[Data listing — start]

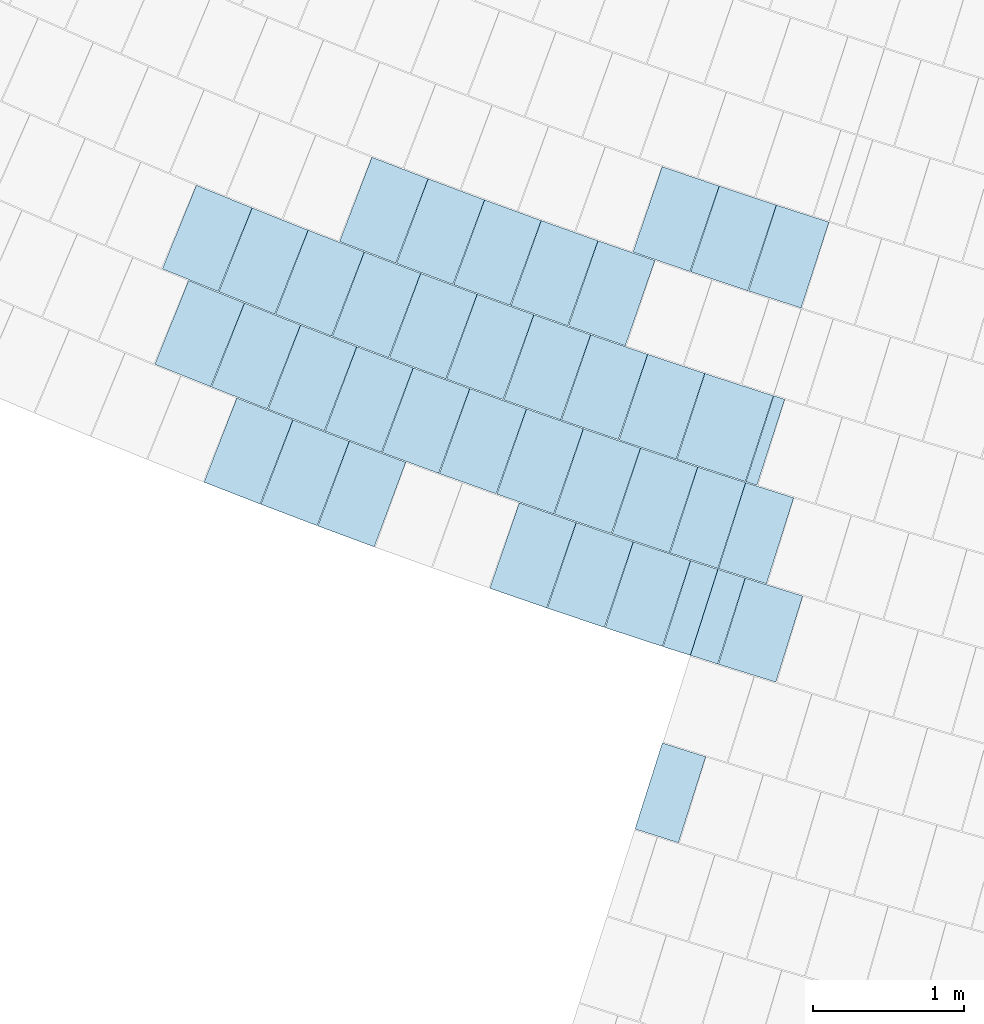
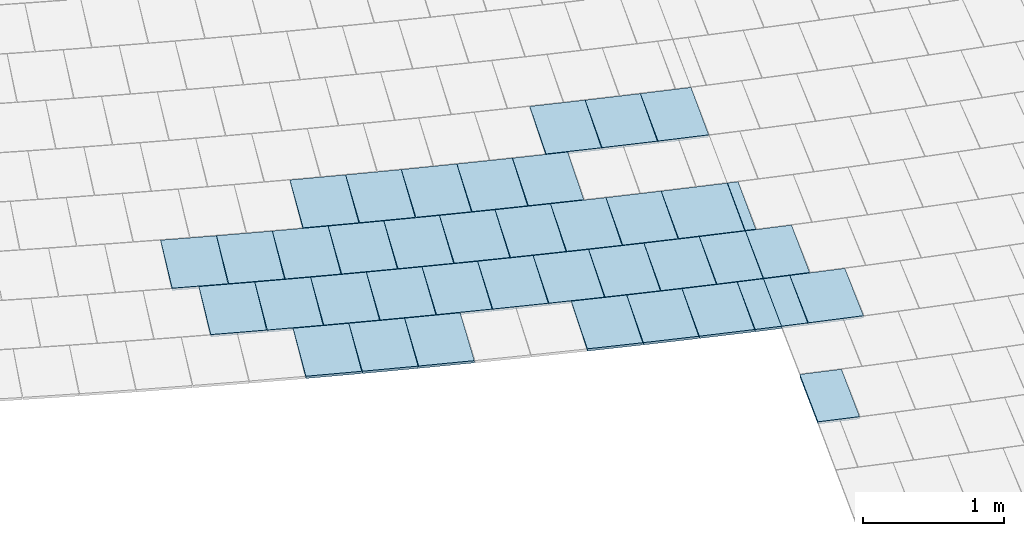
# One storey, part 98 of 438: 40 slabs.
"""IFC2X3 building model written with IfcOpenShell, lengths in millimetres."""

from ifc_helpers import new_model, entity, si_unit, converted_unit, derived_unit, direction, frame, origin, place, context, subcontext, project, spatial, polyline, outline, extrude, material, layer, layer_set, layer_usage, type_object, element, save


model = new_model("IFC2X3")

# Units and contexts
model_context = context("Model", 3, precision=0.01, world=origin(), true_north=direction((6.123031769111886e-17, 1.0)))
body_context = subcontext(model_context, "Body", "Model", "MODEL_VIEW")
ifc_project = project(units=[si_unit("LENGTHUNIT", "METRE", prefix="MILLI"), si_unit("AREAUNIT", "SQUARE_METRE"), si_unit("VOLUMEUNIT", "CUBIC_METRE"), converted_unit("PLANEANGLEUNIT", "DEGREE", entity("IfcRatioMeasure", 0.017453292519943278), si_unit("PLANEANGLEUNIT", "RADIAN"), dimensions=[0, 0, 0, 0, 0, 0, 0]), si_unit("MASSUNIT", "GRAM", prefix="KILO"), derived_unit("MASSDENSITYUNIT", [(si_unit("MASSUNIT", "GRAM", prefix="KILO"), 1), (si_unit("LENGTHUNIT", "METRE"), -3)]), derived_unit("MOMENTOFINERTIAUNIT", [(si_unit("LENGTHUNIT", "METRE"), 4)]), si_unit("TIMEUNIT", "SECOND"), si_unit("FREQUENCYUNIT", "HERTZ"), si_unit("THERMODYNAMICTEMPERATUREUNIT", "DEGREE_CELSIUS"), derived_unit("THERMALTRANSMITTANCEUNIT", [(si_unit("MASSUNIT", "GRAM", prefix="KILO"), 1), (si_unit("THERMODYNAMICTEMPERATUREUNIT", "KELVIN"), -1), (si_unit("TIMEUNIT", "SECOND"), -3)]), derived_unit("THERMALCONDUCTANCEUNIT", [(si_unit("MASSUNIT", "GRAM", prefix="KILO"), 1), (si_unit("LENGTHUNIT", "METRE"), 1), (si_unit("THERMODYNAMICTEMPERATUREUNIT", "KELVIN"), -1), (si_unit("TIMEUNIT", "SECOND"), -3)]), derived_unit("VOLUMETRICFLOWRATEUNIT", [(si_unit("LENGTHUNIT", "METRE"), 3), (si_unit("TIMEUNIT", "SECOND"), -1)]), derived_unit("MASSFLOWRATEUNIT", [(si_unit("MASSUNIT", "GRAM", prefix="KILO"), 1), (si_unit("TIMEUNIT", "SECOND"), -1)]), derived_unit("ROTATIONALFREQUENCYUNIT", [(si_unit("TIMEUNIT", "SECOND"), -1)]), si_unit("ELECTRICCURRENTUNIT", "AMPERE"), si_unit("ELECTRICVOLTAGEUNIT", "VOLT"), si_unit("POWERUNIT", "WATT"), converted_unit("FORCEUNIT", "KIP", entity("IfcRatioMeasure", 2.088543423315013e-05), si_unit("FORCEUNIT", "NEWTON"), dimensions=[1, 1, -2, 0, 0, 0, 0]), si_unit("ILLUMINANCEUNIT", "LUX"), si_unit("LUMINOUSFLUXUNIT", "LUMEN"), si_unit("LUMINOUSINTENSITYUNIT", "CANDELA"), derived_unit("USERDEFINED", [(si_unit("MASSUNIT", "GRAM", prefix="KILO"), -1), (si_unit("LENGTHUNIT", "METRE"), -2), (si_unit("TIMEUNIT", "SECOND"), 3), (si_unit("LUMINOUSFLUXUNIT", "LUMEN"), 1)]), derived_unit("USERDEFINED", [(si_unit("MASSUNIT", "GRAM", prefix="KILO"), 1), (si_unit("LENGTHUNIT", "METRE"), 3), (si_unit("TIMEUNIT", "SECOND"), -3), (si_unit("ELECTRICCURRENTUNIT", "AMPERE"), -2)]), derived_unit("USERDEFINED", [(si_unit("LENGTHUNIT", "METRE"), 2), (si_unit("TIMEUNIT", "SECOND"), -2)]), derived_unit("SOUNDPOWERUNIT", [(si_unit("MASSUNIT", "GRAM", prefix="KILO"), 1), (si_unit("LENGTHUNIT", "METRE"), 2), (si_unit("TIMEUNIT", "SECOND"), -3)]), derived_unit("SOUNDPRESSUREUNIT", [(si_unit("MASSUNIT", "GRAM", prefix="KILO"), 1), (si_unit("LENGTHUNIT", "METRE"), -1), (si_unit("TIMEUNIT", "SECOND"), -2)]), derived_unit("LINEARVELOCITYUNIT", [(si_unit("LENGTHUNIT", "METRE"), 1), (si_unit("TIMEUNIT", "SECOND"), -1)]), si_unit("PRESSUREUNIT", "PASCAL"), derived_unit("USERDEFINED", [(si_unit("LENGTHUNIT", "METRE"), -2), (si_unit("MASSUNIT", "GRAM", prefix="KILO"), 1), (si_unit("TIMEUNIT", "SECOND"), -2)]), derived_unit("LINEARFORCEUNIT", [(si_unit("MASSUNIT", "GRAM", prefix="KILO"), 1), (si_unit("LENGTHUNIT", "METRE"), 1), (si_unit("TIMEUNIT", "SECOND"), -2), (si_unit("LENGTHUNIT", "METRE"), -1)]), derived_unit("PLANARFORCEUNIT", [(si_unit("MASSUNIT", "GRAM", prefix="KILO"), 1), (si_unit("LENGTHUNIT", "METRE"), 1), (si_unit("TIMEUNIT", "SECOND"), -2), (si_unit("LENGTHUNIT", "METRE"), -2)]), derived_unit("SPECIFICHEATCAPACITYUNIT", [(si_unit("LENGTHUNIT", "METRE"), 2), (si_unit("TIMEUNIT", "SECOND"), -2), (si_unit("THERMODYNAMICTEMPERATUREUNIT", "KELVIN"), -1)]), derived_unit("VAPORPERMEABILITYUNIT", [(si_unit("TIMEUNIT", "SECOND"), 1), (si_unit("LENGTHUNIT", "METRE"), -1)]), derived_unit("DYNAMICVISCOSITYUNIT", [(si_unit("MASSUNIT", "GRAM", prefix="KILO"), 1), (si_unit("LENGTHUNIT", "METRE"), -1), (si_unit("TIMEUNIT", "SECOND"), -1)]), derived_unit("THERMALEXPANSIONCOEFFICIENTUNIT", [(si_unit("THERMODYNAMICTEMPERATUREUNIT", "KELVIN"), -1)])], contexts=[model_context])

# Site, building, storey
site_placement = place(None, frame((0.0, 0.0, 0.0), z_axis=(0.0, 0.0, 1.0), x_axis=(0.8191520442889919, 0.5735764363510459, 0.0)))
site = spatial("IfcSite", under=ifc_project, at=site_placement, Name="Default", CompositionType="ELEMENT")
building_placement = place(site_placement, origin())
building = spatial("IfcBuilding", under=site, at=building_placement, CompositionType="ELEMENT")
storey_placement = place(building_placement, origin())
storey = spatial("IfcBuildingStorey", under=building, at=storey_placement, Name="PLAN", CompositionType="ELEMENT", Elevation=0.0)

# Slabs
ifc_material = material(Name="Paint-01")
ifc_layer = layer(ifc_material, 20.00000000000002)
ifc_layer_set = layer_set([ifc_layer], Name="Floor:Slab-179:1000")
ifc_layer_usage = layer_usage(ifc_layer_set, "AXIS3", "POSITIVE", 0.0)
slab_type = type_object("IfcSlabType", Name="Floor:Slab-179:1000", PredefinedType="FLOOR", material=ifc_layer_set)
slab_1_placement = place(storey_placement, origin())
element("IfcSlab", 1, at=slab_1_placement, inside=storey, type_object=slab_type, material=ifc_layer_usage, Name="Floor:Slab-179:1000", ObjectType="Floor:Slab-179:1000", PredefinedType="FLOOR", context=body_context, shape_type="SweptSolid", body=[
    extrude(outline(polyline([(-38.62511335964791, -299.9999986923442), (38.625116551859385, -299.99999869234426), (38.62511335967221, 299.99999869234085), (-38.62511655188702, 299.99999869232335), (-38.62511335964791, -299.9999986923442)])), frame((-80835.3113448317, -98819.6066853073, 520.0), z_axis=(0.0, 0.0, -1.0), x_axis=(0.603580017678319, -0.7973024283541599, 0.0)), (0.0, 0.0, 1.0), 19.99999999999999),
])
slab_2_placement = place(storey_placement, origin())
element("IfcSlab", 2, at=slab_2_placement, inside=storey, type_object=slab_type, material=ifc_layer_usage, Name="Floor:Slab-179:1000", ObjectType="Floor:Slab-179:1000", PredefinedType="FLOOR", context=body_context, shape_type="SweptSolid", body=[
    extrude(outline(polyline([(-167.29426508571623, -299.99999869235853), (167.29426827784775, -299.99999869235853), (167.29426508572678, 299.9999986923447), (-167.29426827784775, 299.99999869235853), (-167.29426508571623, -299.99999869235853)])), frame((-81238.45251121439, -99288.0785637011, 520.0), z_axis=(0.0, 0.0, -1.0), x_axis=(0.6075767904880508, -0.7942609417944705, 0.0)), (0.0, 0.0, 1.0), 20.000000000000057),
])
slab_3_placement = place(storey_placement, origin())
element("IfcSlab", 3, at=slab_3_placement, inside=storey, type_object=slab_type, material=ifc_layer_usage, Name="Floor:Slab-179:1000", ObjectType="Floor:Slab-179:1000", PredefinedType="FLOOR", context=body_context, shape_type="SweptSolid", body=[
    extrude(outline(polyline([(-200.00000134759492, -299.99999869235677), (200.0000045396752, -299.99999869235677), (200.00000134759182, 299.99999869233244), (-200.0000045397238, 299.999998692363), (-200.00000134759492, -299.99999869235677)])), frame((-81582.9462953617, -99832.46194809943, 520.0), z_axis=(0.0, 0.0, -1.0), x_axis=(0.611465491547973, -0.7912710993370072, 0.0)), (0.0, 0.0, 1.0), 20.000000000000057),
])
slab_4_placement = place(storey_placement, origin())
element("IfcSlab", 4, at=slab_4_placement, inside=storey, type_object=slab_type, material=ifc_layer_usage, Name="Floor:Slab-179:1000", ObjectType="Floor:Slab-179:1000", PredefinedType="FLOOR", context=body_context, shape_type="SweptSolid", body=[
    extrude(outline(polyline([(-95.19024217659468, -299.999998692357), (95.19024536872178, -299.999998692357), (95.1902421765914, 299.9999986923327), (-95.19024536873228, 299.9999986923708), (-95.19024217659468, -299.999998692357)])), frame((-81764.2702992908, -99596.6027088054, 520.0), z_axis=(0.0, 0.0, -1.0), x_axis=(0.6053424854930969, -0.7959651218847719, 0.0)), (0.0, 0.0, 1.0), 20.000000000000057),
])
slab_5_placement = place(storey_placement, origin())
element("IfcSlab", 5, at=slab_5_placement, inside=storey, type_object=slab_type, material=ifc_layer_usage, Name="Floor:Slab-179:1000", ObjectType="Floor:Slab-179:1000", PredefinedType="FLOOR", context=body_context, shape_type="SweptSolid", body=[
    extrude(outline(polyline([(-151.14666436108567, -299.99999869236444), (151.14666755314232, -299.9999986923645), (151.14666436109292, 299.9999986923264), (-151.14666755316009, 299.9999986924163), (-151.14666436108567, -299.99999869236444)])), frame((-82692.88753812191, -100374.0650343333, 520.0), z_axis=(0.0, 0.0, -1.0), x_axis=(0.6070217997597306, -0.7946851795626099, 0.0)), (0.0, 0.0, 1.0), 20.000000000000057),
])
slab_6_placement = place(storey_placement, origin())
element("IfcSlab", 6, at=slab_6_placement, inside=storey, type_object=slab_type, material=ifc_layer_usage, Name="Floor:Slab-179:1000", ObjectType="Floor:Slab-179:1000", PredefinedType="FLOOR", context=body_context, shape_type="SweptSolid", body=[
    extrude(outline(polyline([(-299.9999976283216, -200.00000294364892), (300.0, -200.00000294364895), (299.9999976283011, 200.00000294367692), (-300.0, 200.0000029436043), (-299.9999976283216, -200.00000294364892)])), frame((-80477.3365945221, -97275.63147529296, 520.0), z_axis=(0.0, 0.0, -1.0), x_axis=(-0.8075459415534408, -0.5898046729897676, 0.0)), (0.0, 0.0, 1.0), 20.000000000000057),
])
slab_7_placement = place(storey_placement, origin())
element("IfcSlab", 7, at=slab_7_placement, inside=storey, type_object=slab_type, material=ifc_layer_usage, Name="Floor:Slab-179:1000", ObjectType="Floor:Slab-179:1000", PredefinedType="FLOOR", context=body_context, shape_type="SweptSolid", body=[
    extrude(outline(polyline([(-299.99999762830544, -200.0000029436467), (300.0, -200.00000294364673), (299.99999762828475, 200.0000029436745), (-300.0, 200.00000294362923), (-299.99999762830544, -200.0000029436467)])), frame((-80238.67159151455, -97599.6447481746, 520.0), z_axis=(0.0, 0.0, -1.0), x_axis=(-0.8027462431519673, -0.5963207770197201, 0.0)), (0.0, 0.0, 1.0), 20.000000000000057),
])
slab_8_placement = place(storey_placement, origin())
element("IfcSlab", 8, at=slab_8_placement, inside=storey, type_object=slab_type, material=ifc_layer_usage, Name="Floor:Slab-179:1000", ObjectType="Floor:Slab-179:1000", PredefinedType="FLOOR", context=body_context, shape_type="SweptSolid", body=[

[Data listing — finish]

The problem: Lines that include the word "subcontext" are to be extracted from the data above.

Response:
from ifc_helpers import new_model, entity, si_unit, converted_unit, derived_unit, direction, frame, origin, place, context, subcontext, project, spatial, polyline, outline, extrude, material, layer, layer_set, layer_usage, type_object, element, save
body_context = subcontext(model_context, "Body", "Model", "MODEL_VIEW")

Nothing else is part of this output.